A black and white image of the author Kolja Dummann

Stop the glorification of coding, a rant.

Why do we still glorify programming like it’s an field of work that’s more like art than work? With superstars and ninjas. Yes there some people who have a lot of freedom at their companies and who have a tremendous amount of fun at work. But let’s face it the majority of people don’t when they do coding. For them it’s job not a passion and there is nothing wrong with that.

So what got me started with this topic? Scrolling through my twitter timeline I came across this tweet:

While it talks about how to frame coding in a way that it’s not putting people off. It somehow implies that coding is something passionated. It’s fun. It’s a journey. It sounds cool, it sounds like it’s art or something where are super creative all day. But reality is different. Looking at the vast majority of programmers they are simply translating domain knowledge to something a very stupid robot understands. (I know it’s a quote but I couldn’t find the source anymore). It’s not like your are an artist that does super creative stuff all day. Your day to day tasked will be to transform specifications (Word documents, JIRA Tickets, UI mock ups, or even less formal things) into code, glueing this knowledge into a software architecture you might or might not be able to influence, depending on your environment.

There are certain jobs in programming that allow you to be creative, invent new things on regular bases and do cool research but theses jobs are rare. I’m very fortunate to work at such a place and even get paid by customers for it. There are others who do amazing things with code. Just look at Sam Aaron who is making music through code with Sonic Pi. Some people will use code to do creative things but that’s no different from other professions.
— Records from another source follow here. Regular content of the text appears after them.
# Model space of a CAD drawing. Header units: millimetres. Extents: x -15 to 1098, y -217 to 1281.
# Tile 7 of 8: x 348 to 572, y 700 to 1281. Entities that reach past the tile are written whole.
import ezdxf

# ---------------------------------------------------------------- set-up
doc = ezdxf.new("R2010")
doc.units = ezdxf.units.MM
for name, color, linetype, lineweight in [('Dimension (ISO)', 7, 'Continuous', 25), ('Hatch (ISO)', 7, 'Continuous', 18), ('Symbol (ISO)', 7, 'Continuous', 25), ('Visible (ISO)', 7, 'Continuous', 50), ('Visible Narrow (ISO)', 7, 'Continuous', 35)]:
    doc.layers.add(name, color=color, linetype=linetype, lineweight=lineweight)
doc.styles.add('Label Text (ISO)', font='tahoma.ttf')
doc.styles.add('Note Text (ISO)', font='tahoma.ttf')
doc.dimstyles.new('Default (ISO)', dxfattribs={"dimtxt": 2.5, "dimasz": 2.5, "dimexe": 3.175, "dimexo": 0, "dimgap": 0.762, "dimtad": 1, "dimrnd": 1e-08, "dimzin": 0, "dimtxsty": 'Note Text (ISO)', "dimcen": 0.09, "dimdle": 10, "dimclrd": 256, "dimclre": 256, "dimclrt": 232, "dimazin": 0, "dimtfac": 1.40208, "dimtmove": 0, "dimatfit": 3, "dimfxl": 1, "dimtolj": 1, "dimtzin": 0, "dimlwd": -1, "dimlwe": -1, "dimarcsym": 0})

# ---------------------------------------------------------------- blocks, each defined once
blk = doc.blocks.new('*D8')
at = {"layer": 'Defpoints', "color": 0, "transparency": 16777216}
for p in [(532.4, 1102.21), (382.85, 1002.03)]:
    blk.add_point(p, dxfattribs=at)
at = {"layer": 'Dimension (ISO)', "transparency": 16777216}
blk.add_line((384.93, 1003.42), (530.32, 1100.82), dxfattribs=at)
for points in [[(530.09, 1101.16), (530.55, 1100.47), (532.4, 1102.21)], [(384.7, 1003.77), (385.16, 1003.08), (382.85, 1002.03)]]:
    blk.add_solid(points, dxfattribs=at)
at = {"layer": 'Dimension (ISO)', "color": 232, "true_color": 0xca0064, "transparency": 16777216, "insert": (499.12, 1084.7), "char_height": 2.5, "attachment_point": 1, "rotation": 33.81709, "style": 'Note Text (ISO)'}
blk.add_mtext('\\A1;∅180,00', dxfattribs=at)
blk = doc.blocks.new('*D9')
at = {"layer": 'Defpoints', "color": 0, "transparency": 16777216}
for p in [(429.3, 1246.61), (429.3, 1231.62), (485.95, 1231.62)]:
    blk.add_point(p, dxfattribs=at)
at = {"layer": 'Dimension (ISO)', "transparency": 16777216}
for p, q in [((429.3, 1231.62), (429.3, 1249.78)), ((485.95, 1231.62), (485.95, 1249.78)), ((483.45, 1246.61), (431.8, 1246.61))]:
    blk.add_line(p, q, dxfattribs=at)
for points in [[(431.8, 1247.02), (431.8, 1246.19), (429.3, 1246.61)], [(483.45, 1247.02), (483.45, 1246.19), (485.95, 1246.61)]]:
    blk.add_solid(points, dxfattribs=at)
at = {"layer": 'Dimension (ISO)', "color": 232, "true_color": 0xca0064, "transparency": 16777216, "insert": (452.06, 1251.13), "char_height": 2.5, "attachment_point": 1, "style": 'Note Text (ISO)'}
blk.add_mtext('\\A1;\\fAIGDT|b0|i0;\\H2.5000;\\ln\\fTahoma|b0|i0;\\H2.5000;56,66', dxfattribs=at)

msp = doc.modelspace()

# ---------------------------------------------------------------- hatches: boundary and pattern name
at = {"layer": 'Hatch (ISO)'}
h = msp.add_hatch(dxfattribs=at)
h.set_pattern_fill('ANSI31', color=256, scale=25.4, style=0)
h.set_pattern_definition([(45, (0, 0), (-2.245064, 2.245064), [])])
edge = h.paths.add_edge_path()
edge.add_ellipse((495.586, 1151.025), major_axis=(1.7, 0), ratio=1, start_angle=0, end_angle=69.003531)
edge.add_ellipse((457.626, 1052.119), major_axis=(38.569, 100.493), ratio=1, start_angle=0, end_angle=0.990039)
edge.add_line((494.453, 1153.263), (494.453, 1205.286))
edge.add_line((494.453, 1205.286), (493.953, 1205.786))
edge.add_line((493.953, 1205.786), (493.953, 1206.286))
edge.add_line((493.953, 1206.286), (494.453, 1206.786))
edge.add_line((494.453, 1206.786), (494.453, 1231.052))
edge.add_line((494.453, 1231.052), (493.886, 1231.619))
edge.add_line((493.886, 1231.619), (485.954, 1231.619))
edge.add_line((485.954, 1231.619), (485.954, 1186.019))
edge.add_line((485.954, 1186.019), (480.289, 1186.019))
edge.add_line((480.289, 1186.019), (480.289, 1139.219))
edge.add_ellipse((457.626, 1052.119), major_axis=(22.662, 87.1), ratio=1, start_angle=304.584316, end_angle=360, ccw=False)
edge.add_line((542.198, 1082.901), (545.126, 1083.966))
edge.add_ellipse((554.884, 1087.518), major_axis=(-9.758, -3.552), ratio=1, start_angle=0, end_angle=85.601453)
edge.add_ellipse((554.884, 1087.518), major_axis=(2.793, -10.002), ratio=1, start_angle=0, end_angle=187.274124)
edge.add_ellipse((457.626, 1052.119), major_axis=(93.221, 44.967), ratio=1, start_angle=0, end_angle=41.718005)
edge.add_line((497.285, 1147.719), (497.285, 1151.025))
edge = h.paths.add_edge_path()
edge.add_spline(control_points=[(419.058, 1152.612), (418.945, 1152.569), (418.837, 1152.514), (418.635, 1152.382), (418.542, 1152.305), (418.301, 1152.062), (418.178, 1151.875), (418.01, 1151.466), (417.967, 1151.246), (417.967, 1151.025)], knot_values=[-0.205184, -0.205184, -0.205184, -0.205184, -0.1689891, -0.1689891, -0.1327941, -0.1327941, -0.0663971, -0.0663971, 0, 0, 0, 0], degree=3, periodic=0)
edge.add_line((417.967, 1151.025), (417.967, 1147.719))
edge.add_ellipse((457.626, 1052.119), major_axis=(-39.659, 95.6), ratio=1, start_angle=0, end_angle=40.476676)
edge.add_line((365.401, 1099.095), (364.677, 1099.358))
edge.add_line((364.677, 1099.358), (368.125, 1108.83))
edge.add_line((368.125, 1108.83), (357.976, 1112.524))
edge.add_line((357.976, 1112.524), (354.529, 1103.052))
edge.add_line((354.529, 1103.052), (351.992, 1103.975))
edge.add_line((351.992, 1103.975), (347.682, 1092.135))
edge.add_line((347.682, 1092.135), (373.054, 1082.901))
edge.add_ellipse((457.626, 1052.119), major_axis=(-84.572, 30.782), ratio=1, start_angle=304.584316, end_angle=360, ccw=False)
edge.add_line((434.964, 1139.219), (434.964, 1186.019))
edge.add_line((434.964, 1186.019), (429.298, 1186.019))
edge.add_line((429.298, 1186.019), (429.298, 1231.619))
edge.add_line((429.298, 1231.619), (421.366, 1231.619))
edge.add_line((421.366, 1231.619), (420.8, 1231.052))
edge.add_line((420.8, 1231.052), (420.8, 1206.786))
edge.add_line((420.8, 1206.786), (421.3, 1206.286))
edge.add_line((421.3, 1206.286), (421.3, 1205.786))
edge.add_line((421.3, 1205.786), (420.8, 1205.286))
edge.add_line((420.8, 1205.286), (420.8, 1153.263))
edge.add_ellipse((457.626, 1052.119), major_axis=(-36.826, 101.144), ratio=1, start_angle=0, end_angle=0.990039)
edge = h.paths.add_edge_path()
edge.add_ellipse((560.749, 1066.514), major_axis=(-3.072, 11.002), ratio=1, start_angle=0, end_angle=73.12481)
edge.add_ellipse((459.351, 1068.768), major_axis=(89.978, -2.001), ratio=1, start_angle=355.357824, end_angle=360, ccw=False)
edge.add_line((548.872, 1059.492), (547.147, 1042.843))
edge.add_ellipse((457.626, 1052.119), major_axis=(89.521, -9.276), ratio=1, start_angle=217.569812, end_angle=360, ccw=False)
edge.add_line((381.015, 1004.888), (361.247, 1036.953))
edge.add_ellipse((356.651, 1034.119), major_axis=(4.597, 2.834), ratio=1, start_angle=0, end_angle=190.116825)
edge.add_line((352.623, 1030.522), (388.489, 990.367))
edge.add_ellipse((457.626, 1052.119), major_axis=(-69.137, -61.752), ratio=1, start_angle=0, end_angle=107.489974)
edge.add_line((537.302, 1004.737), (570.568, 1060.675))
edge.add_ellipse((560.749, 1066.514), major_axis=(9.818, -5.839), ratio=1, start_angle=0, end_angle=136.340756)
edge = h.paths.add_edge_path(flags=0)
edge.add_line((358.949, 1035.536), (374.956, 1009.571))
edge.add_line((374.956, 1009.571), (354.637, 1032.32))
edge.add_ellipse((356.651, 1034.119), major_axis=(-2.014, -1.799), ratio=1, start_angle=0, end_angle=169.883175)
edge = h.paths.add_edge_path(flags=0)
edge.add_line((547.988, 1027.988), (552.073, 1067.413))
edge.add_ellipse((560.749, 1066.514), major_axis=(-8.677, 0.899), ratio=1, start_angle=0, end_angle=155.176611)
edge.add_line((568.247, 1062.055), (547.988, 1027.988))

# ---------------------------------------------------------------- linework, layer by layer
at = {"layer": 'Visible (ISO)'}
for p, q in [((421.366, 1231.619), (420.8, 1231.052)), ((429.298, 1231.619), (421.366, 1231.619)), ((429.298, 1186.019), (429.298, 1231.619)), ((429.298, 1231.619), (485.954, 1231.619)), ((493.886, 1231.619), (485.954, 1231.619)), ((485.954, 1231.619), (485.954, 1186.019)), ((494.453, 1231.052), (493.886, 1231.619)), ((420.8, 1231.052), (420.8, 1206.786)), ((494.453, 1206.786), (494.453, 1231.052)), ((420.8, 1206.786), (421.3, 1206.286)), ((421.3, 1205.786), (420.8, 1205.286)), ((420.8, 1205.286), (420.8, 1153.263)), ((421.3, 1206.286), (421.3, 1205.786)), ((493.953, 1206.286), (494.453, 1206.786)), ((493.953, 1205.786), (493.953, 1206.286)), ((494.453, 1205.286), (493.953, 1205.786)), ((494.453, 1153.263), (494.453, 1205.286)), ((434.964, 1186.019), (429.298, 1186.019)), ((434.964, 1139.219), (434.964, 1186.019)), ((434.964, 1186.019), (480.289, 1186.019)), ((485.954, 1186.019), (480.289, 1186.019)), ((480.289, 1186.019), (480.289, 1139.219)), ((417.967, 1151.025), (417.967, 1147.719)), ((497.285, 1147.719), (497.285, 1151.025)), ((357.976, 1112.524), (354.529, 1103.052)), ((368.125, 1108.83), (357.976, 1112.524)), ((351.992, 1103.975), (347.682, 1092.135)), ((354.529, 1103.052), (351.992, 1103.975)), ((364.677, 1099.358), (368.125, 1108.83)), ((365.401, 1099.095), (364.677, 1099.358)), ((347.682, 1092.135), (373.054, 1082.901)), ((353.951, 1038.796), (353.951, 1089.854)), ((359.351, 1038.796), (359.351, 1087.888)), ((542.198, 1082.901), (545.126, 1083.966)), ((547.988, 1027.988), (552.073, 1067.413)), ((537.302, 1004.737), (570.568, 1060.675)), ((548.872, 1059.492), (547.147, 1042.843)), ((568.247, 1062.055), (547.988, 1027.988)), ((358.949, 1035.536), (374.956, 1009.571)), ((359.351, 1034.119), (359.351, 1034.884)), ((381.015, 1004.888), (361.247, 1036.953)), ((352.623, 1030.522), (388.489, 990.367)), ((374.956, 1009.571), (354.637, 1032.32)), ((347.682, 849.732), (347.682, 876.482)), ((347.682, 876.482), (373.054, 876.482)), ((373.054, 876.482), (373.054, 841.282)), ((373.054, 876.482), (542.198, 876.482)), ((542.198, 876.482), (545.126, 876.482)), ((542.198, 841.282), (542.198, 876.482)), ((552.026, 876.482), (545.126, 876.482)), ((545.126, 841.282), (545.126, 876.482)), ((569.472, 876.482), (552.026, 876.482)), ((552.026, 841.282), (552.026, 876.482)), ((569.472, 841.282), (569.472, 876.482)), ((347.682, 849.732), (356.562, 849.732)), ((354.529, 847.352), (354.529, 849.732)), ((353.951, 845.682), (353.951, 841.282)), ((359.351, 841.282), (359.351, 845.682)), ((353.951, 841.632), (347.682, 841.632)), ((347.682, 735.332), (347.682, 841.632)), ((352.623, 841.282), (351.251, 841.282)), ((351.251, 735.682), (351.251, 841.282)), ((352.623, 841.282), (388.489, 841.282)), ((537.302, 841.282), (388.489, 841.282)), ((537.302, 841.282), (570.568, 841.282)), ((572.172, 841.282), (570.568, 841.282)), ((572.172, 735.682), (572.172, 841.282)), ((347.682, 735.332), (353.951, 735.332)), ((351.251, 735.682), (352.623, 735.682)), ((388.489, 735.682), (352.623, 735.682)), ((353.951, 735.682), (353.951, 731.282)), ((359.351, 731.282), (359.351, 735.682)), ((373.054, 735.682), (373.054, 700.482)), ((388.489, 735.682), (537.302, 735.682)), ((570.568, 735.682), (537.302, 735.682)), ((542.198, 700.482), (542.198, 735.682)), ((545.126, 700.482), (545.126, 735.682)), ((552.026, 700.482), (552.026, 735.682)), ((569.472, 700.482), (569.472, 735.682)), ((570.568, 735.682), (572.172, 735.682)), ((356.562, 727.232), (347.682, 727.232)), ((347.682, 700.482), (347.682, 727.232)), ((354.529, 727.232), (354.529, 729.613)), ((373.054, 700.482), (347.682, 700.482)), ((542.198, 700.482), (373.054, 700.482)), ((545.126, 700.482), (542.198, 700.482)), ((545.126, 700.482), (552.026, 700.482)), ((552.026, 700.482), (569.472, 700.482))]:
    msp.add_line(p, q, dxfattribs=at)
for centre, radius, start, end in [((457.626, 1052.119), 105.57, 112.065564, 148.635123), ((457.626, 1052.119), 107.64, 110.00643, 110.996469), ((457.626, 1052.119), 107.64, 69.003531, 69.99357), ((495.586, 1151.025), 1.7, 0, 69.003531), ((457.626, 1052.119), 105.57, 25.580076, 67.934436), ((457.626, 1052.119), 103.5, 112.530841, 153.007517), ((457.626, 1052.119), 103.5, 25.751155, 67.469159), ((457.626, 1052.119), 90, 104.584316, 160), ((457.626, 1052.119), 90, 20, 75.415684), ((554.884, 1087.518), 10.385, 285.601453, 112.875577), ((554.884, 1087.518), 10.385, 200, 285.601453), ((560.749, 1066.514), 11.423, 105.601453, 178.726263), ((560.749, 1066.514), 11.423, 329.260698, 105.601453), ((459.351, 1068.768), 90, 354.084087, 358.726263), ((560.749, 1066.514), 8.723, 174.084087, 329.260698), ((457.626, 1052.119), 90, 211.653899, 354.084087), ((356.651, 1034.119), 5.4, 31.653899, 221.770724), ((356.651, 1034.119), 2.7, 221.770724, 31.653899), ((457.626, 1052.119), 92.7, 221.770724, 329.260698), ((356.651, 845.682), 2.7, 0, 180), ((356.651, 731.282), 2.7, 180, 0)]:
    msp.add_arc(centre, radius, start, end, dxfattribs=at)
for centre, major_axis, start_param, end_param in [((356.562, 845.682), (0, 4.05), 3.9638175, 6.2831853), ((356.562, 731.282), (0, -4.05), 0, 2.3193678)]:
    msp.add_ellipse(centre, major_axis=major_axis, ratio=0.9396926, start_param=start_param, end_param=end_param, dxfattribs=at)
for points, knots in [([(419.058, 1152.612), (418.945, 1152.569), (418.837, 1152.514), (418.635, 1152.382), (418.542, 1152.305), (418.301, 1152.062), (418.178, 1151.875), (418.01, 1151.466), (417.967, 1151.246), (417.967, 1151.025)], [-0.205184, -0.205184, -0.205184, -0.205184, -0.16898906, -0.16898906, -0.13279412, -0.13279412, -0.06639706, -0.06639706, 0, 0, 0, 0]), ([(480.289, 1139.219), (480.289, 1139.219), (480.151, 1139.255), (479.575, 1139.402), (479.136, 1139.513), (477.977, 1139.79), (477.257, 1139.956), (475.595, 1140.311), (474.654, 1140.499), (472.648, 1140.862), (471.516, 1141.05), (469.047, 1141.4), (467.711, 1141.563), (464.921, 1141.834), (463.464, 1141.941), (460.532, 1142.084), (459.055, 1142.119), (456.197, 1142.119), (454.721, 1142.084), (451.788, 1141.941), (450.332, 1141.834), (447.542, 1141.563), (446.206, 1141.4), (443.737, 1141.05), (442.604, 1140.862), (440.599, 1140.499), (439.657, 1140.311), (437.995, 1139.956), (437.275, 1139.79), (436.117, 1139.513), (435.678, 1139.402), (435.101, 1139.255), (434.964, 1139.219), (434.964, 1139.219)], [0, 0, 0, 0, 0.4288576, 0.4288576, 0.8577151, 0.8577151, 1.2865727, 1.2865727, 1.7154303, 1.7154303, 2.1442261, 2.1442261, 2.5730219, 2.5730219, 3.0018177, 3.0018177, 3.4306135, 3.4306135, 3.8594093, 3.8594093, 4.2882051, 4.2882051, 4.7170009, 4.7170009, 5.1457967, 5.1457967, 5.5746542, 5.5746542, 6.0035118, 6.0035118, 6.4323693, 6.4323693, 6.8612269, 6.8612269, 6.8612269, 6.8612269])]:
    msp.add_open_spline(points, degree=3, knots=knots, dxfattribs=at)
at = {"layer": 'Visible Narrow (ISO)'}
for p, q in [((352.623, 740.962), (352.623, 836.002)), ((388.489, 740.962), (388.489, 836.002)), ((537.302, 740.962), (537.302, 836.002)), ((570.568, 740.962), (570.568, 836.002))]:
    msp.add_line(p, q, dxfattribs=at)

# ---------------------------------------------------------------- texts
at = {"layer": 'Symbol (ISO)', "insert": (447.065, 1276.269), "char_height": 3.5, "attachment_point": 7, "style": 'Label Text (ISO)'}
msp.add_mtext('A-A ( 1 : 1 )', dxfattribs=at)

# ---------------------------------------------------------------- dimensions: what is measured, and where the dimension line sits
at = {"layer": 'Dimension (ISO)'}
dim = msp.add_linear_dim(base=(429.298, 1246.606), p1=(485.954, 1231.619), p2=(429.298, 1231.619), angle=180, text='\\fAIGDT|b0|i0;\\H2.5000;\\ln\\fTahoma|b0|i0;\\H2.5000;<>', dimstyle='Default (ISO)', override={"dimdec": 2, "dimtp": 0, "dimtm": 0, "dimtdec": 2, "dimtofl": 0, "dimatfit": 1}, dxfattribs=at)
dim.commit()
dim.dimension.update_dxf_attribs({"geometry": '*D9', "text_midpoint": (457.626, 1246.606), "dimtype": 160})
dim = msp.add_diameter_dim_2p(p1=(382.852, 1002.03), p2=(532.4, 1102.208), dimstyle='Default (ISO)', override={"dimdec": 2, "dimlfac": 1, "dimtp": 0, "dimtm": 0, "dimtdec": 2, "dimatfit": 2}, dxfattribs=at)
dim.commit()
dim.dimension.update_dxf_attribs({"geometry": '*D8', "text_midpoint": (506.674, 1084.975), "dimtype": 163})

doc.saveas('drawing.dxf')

Would you say lumberjacks have a job where you can express all your creativity because there some that cave art with a chainsaw? Most probably not.

Don’t get put off by all of the people praising coding as something you have be passionated about. It’s ok to see it as a job. You don’t need to spent every free minute coding, reading computer science papers, learn your tenth programming language or even invent your own. Just make it your job and do other things in your spare time. If you are passionated about it that might be a plus because you enjoy spending time with it, but it can also develop into a nightmare when you are not be able to live it up to the things you might want to do.

Will coding/programming be a profitable job in the future? I don’t know. There are some hints that it might not. In my day job I’m working on automating some of the things that a typical coder does, for various reasons but that’s another story.